# Pokeberry Jelly



## nana28

Does anyone have a recipe for Pokeberry Jelly they would be willing to share?
I'm sure it is made pretty much like Elderberry Jelly, but I think you are suppose to remove the seeds. How do you remove the seeds?
Any help with this will be greatly appreciated.
Thank you so much!


----------



## Peggy

nana28 said:


> Does anyone have a recipe for Pokeberry Jelly they would be willing to share?
> I'm sure it is made pretty much like Elderberry Jelly, but I think you are suppose to remove the seeds.

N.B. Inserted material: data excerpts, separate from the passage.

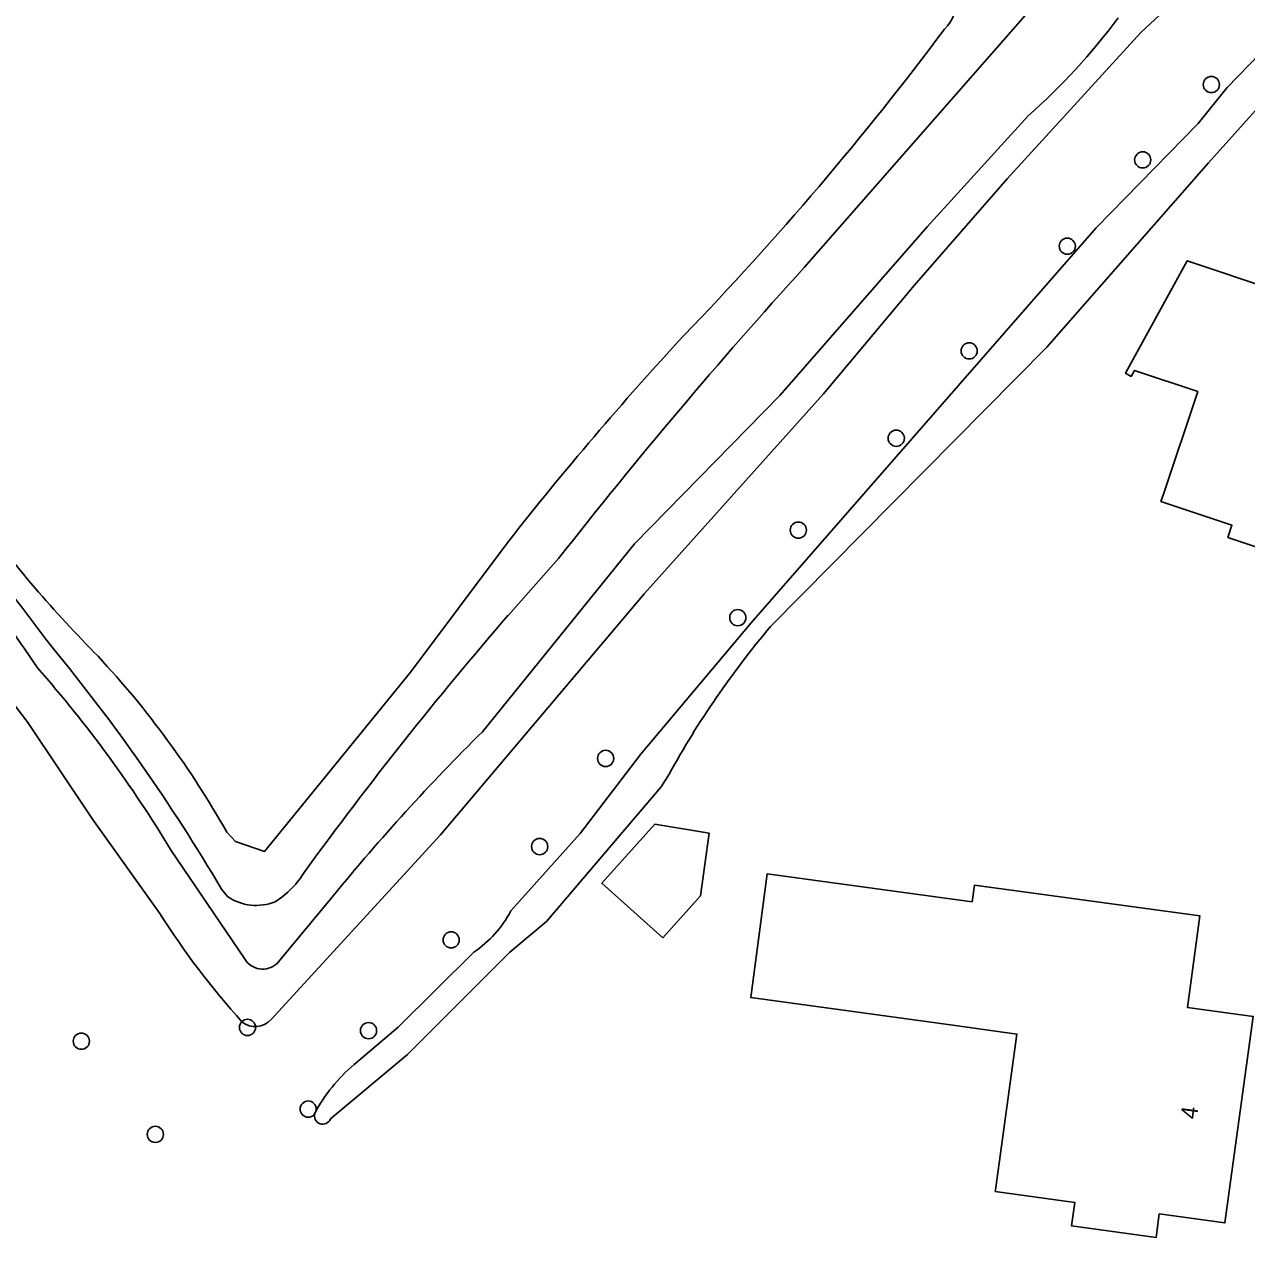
# Model space of a CAD drawing. Extents: x 161696 to 162377, y 380761 to 381673.
# Drawn here: x 161820.6 to 161894.4, y 380889 to 380962.2 of the extents above; entities that cross this region are included whole.
import ezdxf

# ---------------------------------------------------------------- set-up
doc = ezdxf.new("R2010")
doc.units = 0
for name, color, linetype in [('IMGEO_Boom', 7, 'Continuous'), ('IMGEO_Groenvoorziening', 7, 'Continuous'), ('IMGEO_Meer_plas_ven_vijver', 7, 'Continuous'), ('IMGEO_Pand', 7, 'Continuous'), ('IMGEO_Pand_nummerreeks', 7, 'Continuous')]:
    doc.layers.add(name, color=color, linetype=linetype)

msp = doc.modelspace()

# ---------------------------------------------------------------- linework, layer by layer
at = {"layer": 'IMGEO_Boom'}
for centre in [(161892.316, 380958.613), (161888.173, 380954.061), (161883.615, 380948.847), (161877.691, 380942.522), (161873.285, 380937.245), (161867.37, 380931.695), (161863.713, 380926.409), (161855.73, 380917.904), (161851.744, 380912.578), (161846.4, 380906.942), (161834.099, 380901.653), (161841.411, 380901.459), (161824.062, 380900.819), (161837.765, 380896.719), (161828.531, 380895.19)]:
    msp.add_circle(centre, 0.489, dxfattribs=at)
at = {"layer": 'IMGEO_Groenvoorziening'}
for points in [[(161890.992, 380963.938), (161889.178, 380962.795), (161888.049, 380961.767), (161879.992, 380952.907), (161874.365, 380946.481), (161868.891, 380939.924), (161858.069, 380927.868), (161845.75, 380913.287), (161835.524, 380902.132)], [(161828.8, 380908.528), (161824.729, 380914.242), (161820.832, 380920.076), (161816.792, 380925.368), (161812.56, 380930.508)], [(161832.847, 380913.452), (161833.367, 380912.893), (161835.131, 380912.284), (161843.974, 380923.135), (161849.842, 380930.991)]]:
    msp.add_lwpolyline(points, dxfattribs=at)
for centre, radius, start, end in [((161874.423, 380963.719), 2.502, 315.23013, 55.38582), ((161721.268, 381077.819), 193.462, 316.01453, 323.20983), ((162011.017, 380804.458), 204.91, 137.28297, 141.86566), ((161880.505, 380979.022), 78.053, 216.46984, 224.74709), ((161784.161, 380885.964), 55.91, 29.44897, 42.9712), ((161871.423, 380935.736), 50.566, 212.5521, 221.87896), ((161834.566, 380903.002), 1.294, 232.17583, 317.7467)]:
    msp.add_arc(centre, radius, start, end, dxfattribs=at)
at = {"layer": 'IMGEO_Meer_plas_ven_vijver'}
for points in [[(161881.363, 380963.1), (161867.724, 380947.551)], [(161898.49, 380960.955), (161892.147, 380953.884), (161882.378, 380942.741), (161865.694, 380925.863)], [(161891.512, 380956.258), (161893.282, 380958.444), (161895.242, 380960.46)], [(161848.287, 380919.518), (161857.473, 380930.863), (161866.252, 380939.835), (161875.146, 380950.013), (161881.261, 380956.728)], [(161849.996, 380908.69), (161854.199, 380913.376), (161857.841, 380918.147), (161864.514, 380926.091), (161885.359, 380949.949), (161891.512, 380956.258)], [(161852.893, 380929.987), (161849.854, 380926.552)], [(161859.566, 380916.954), (161859.086, 380916.182), (161852.157, 380908.058), (161849.953, 380906.192), (161843.758, 380900.025), (161839.114, 380896.129)], [(161829.498, 380912.335), (161833.913, 380905.812)], [(161832.887, 380909.553), (161832.531, 380910.004)], [(161835.867, 380905.495), (161839.292, 380909.632)], [(161840.535, 380899.404), (161843.2, 380901.675), (161847.767, 380906.206)]]:
    msp.add_lwpolyline(points, dxfattribs=at)
for centre, radius, start, end in [((161855.472, 380985.852), 38.901, 311.52417, 323.37165), ((162097.685, 380738.329), 310.895, 137.70358, 141.94108), ((161562.489, 380729.187), 325.109, 36.95355, 40.36514), ((161742.127, 380869.892), 95.642, 34.00137, 42.69487), ((162023.218, 380776.27), 229.434, 139.07933, 144.01499), ((161907.228, 380890.732), 54.4, 139.77431, 151.1819), ((161733.625, 380851.665), 114.83, 30.53384, 39.4523), ((161763.115, 380872.221), 77.561, 31.14362, 41.26455), ((161940.338, 380826.728), 130.703, 134.77098, 140.63262), ((161832.655, 380914.08), 5.756, 302.77592, 328.57957), ((161834.628, 380912.153), 3.129, 236.18645, 291.42543), ((161844.156, 380911.688), 6.565, 303.37135, 332.82266), ((161835.019, 380906.449), 1.276, 209.9344, 311.63583), ((161846.792, 380891.936), 9.743, 129.96068, 152.3411), ((161838.643, 380896.306), 0.503, 162.28511, 339.44102)]:
    msp.add_arc(centre, radius, start, end, dxfattribs=at)
at = {"layer": 'IMGEO_Pand'}
for points in [[(161904.606, 380949.376), (161901.633, 380940.472), (161900.683, 380940.788), (161900.051, 380938.888), (161905.097, 380937.205), (161902.371, 380929.046), (161898.075, 380930.482), (161897.828, 380929.743), (161893.314, 380931.252), (161893.562, 380931.992), (161889.275, 380933.425), (161889.424, 380933.871), (161891.494, 380940.065), (161887.672, 380941.343), (161887.466, 380940.984), (161887.136, 380941.173), (161890.851, 380947.961), (161896.162, 380946.187), (161897.967, 380951.593), (161904.606, 380949.376)], [(161861.989, 380913.379), (161861.455, 380909.606), (161859.179, 380907.066), (161855.499, 380910.364), (161858.694, 380913.929), (161861.989, 380913.379)], [(161877.874, 380909.249), (161878.009, 380910.24), (161891.624, 380908.386), (161890.871, 380902.862), (161894.845, 380902.314), (161893.139, 380889.842), (161889.176, 380890.385), (161888.981, 380888.958), (161883.879, 380889.657), (161884.074, 380891.083), (161879.269, 380891.741), (161879.303, 380891.989), (161880.571, 380901.253), (161876.707, 380901.782), (161864.501, 380903.453), (161865.489, 380910.935), (161877.874, 380909.249)]]:
    msp.add_lwpolyline(points, dxfattribs=at)

# ---------------------------------------------------------------- texts
at = {"layer": 'IMGEO_Pand_nummerreeks'}
msp.add_text('4', height=1, rotation=82.48472, dxfattribs=at).set_placement((161891.438, 380896.074))

doc.saveas('drawing.dxf')
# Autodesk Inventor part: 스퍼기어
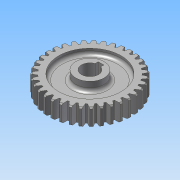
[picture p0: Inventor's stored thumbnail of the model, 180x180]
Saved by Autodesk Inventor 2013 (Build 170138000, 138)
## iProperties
Created: 2013-08
Part Number: 스퍼기어
Material: 강
Document SubType Name: Modeling
Designer: 한국산업디자인학원
Categories: <?xml version="1.0" encoding="UTF-16"?> <MemberInstance><Categories><FamilyTemplate><FamilyTemplateParameter ValueType="xs:double" Id="1" ObjectReferenceKey="da
Density: 1 g/cm^3
CustomPartVersion: 1
Author: 한국산업디자인학원
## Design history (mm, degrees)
sketch "Sketch1"
  geometry: C1 r 37 at (0, 0)
  constraints: 1 centre point
  dimensions: "d0" = 74 diameter of C1 (= da_da)
extrude "Extrusion1" new body sketch "Sketch1" distance "d1" = 15 (= da_b); taper "d2" = 0 deg
chamfer "모따기1" distance "d49" = 1; stored, may be unused: second distance "d50" = 2, angle "d51" = 45 deg
workplane "Work Plane2"
feature "피치 지름" dims "d4" = 10, "d5" = 0
workplane "Work Plane8"
workplane "Work Plane9"
feature "스퍼 기어" dims "da_b" = 15, "da_d" = 70, "da_aw" = 70, "da_da" = 74, "da_df" = 65, "da_dw" = 70, angle "da_beta" = 0 deg, "da_lefttooth" = 0, "da_righttooth" = 0
sketch "스케치3"
  geometry: C1 r 12.5 at (0, 0); C2 r 27.5 at (0, 0); A1 r 36 centre (0, 0) between (-5.215, 35.62) and (-7.633, 35.181) reference
  constraints: 2 centre point, 2 coincident
  dimensions: "d52" = 25 diameter of C1; "d54" = 55 diameter of C2
extrude "돌출2" cut sketch "스케치3" distance "d55" = 5; taper "d56" = 0 deg
node "작업 평면11"
fillet "모깎기1" dims "d57" = 3
extrude "돌출3" join sketch "스케치3" distance "d58" = 3; taper "d60" = 0 deg; dims "d59" = 28, "d61" = 0
sketch "스케치4"
  geometry: L1 (-2.5, 7.071)-(-2.5, 9.8); L2 (-2.5, 9.8)-(2.5, 9.8); L3 (2.5, 9.8)-(2.5, 7.071); C1 r 12.5 at (0, 0) reference; A1 r 7.5 centre (0, 0) between (-2.5, 7.071) and (2.5, 7.071); 1 further point
  constraints: 6 end point, 2 point on circle, 1 centre point, 1 coincident, 1 midpoint, 1 parallel, 1 perpendicular, 1 vertical, 1 vertical alignment
  dimensions: "d62" = 15 diameter of A1; "d64" = 5 distance of L1.end L2.end; "d65" = 17.3 dimension on A1 L2
extrude "돌출4" cut sketch "스케치4" stored distance "d66" = 3; taper "d67" = 0 deg
body "Solid1"
mirror "대칭1"
sketch "Sketch2"
  geometry: C1 r 37 at (0, 0) reference; C2 r 35 at (0, 0)
  constraints: 1 centre point, 1 coincident
  dimensions: "d3" = 70 diameter of C2 (= da_dw)
body "Srf1"
other parameters: "d17" = 0, "d34" = 0.8976 (computed from da_z), "d39" = 0, "d41" = 0, "d47" = 0, "d48" = 0

How do you remove the seeds?
> Any help with this will be greatly appreciated.
> Thank you so much!


try Pomona Universal pectin. the directions in the box tells you how to make up jelly and jam from different types of fruit.
as for the seeds you could problmy cook the fruit mash it up then strain the seeds out.


----------



## Guest

They do not taste very good to me, but RIPE poke berries are supposed to be safely edible from the limited amount of info I've found. IF you remove the seeds. Not sure how many seeds it would take to be a problem, but a jelly bag would likely strain them out. 

I only sampled three berries so I just swallowed the seeds. Three were enough. There is a difference between 'edible' and 'palatable.'


----------



## GrannyG

I would not want to take the chance on eating the poke berries...just have always been told not to, they were poisonous....early spring, we do eat the young leaves....poke sallet...
Poke Herb, Pokeweed, Poke Berries, Phytolacca americana, uses, Poke Salet


----------



## chickenista

The insides of the seeds contain the substances that are 'unwise' to consume.
The fruity coating is fine, if a bit tasteless.
You could make jelly out of them if you really wanted.
Just cook them a bit to soften the skin and run them CAREFULLY through a food mill or one of the old-fashioned conical doodads to separate the fruit from the pit/seeds.
Then heat through and follow the normal directions for jelly...
And don't get any on your counters!! You would never get that stain out. Ever.


----------